## ABOUT THIS EXERCISE
Retype, word for word, each line between the lines holding "#6676 = AXIS2_PLACEMENT_3D" and "#8156 = AXIS2_PLACEMENT_3D", inclusive, and leave the rest of the data alone.

## ENTRIES PROVIDED
§

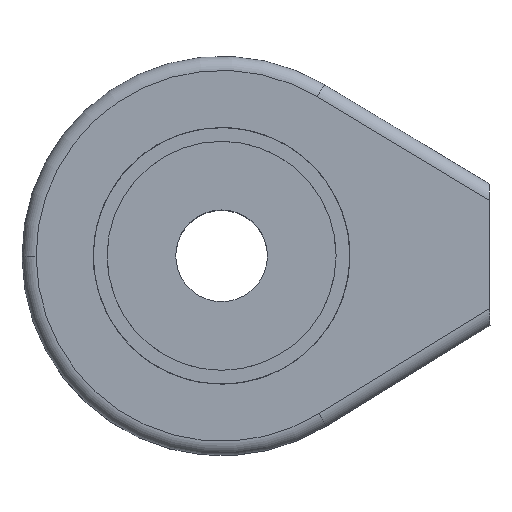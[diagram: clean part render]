
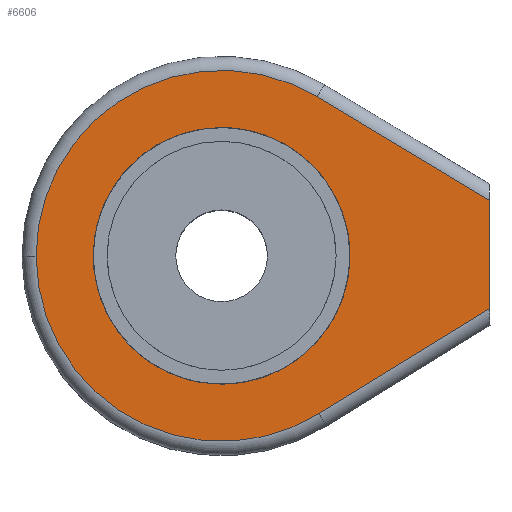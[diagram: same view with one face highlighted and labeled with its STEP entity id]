
A CAD part, top view. The second image highlights one B-rep face of the part: STEP entity #6606.
In plain terms, the highlighted planar face has unit normal (0, 0, 1).
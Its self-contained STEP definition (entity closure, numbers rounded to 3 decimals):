
#347 = DIRECTION ( 'NONE',  ( 0., 0., 1. ) ) ;
#482 = CARTESIAN_POINT ( 'NONE',  ( 6.837, 11.233, 8.57 ) ) ;
#495 = DIRECTION ( 'NONE',  ( 0., 0., -1. ) ) ;
#779 = LINE ( 'NONE', #9132, #1393 ) ;
#898 = ORIENTED_EDGE ( 'NONE', *, *, #5500, .T. ) ;
#1367 = DIRECTION ( 'NONE',  ( -0.854, 0.52, 0. ) ) ;
#1393 = VECTOR ( 'NONE', #5342, 1000. ) ;
#1520 = DIRECTION ( 'NONE',  ( 1., 0., 0. ) ) ;
#1567 = VERTEX_POINT ( 'NONE', #482 ) ;
#1661 = DIRECTION ( 'NONE',  ( 0., 0., 1. ) ) ;
#1980 = CIRCLE ( 'NONE', #8368, 13.15 ) ;
#2168 = VERTEX_POINT ( 'NONE', #8244 ) ;
#2460 = LINE ( 'NONE', #8688, #7459 ) ;
#2619 = EDGE_CURVE ( 'NONE', #9769, #1567, #6681, .T. ) ;
#2763 = FACE_BOUND ( 'NONE', #5851, .T. ) ;
#2920 = ORIENTED_EDGE ( 'NONE', *, *, #9659, .F. ) ;
#3118 = DIRECTION ( 'NONE',  ( 0., 0., 1. ) ) ;
#3649 = ORIENTED_EDGE ( 'NONE', *, *, #2619, .T. ) ;
#3707 = CARTESIAN_POINT ( 'NONE',  ( 0., 0., 8.57 ) ) ;
#4018 = DIRECTION ( 'NONE',  ( 0.854, 0.52, 0. ) ) ;
#4543 = DIRECTION ( 'NONE',  ( -1., 0., 0. ) ) ;
#4607 = CARTESIAN_POINT ( 'NONE',  ( 6.837, -11.233, 8.57 ) ) ;
#4733 = VERTEX_POINT ( 'NONE', #6766 ) ;
#4812 = VECTOR ( 'NONE', #1367, 1000. ) ;
#4940 = AXIS2_PLACEMENT_3D ( 'NONE', #3707, #8327, #1520 ) ;
#4968 = CARTESIAN_POINT ( 'NONE',  ( -9.1, 0., 8.57 ) ) ;
#5076 = CARTESIAN_POINT ( 'NONE',  ( 6.837, 11.233, 8.57 ) ) ;
#5213 = ORIENTED_EDGE ( 'NONE', *, *, #7637, .F. ) ;
#5342 = DIRECTION ( 'NONE',  ( 0., 1., 0. ) ) ;
#5500 = EDGE_CURVE ( 'NONE', #2168, #6139, #7660, .T. ) ;
#5776 = ORIENTED_EDGE ( 'NONE', *, *, #5797, .T. ) ;
#5797 = EDGE_CURVE ( 'NONE', #6139, #9462, #2460, .T. ) ;
#5851 = EDGE_LOOP ( 'NONE', ( #5213, #2920 ) ) ;
#5948 = ORIENTED_EDGE ( 'NONE', *, *, #6128, .T. ) ;
#5951 = FACE_OUTER_BOUND ( 'NONE', #6536, .T. ) ;
#6128 = EDGE_CURVE ( 'NONE', #9462, #9769, #779, .T. ) ;
#6139 = VERTEX_POINT ( 'NONE', #4607 ) ;
#6355 = ORIENTED_EDGE ( 'NONE', *, *, #8951, .T. ) ;
#6536 = EDGE_LOOP ( 'NONE', ( #5948, #3649, #6355, #898, #5776 ) ) ;
#6606 = ADVANCED_FACE ( 'NONE', ( #5951, #2763 ), #7367, .F. ) ;
#6676 = AXIS2_PLACEMENT_3D ( 'NONE', #8102, #495, #7312 ) ;
#6681 = LINE ( 'NONE', #5076, #4812 ) ;
#6766 = CARTESIAN_POINT ( 'NONE',  ( 9.1, 0., 8.57 ) ) ;
#6790 = CARTESIAN_POINT ( 'NONE',  ( 0., 0., 8.57 ) ) ;
#7222 = CARTESIAN_POINT ( 'NONE',  ( 0., 0., 8.57 ) ) ;
#7306 = VERTEX_POINT ( 'NONE', #4968 ) ;
#7312 = DIRECTION ( 'NONE',  ( -1., 0., 0. ) ) ;
#7367 = PLANE ( 'NONE',  #6676 ) ;
#7459 = VECTOR ( 'NONE', #4018, 1000. ) ;
#7519 = CARTESIAN_POINT ( 'NONE',  ( 0., 0., 8.57 ) ) ;
#7600 = CIRCLE ( 'NONE', #8844, 9.1 ) ;
#7637 = EDGE_CURVE ( 'NONE', #7306, #4733, #8290, .T. ) ;
#7660 = CIRCLE ( 'NONE', #8156, 13.15 ) ;
#7927 = CARTESIAN_POINT ( 'NONE',  ( 19., -3.829, 8.57 ) ) ;
#8102 = CARTESIAN_POINT ( 'NONE',  ( 0., 0., 8.57 ) ) ;
#8156 = AXIS2_PLACEMENT_3D ( 'NONE', #6790, #1661, #4543 ) ;
#8157 = CARTESIAN_POINT ( 'NONE',  ( 19., 3.829, 8.57 ) ) ;
#8244 = CARTESIAN_POINT ( 'NONE',  ( -13.15, 0., 8.57 ) ) ;
#8290 = CIRCLE ( 'NONE', #4940, 9.1 ) ;
#8327 = DIRECTION ( 'NONE',  ( 0., 0., 1. ) ) ;
#8368 = AXIS2_PLACEMENT_3D ( 'NONE', #7519, #3118, #9809 ) ;
#8688 = CARTESIAN_POINT ( 'NONE',  ( 6.837, -11.233, 8.57 ) ) ;
#8844 = AXIS2_PLACEMENT_3D ( 'NONE', #7222, #347, #9355 ) ;
#8951 = EDGE_CURVE ( 'NONE', #1567, #2168, #1980, .T. ) ;
#9132 = CARTESIAN_POINT ( 'NONE',  ( 19., 5., 8.57 ) ) ;
#9355 = DIRECTION ( 'NONE',  ( 1., 0., 0. ) ) ;
#9462 = VERTEX_POINT ( 'NONE', #7927 ) ;
#9659 = EDGE_CURVE ( 'NONE', #4733, #7306, #7600, .T. ) ;
#9769 = VERTEX_POINT ( 'NONE', #8157 ) ;
#9809 = DIRECTION ( 'NONE',  ( -1., 0., 0. ) ) ;

§

## RESPONSE AREA
#6676 = AXIS2_PLACEMENT_3D ( 'NONE', #8102, #495, #7312 ) ;
#6681 = LINE ( 'NONE', #5076, #4812 ) ;
#6766 = CARTESIAN_POINT ( 'NONE',  ( 9.1, 0., 8.57 ) ) ;
#6790 = CARTESIAN_POINT ( 'NONE',  ( 0., 0., 8.57 ) ) ;
#7222 = CARTESIAN_POINT ( 'NONE',  ( 0., 0., 8.57 ) ) ;
#7306 = VERTEX_POINT ( 'NONE', #4968 ) ;
#7312 = DIRECTION ( 'NONE',  ( -1., 0., 0. ) ) ;
#7367 = PLANE ( 'NONE',  #6676 ) ;
#7459 = VECTOR ( 'NONE', #4018, 1000. ) ;
#7519 = CARTESIAN_POINT ( 'NONE',  ( 0., 0., 8.57 ) ) ;
#7600 = CIRCLE ( 'NONE', #8844, 9.1 ) ;
#7637 = EDGE_CURVE ( 'NONE', #7306, #4733, #8290, .T. ) ;
#7660 = CIRCLE ( 'NONE', #8156, 13.15 ) ;
#7927 = CARTESIAN_POINT ( 'NONE',  ( 19., -3.829, 8.57 ) ) ;
#8102 = CARTESIAN_POINT ( 'NONE',  ( 0., 0., 8.57 ) ) ;
#8156 = AXIS2_PLACEMENT_3D ( 'NONE', #6790, #1661, #4543 ) ;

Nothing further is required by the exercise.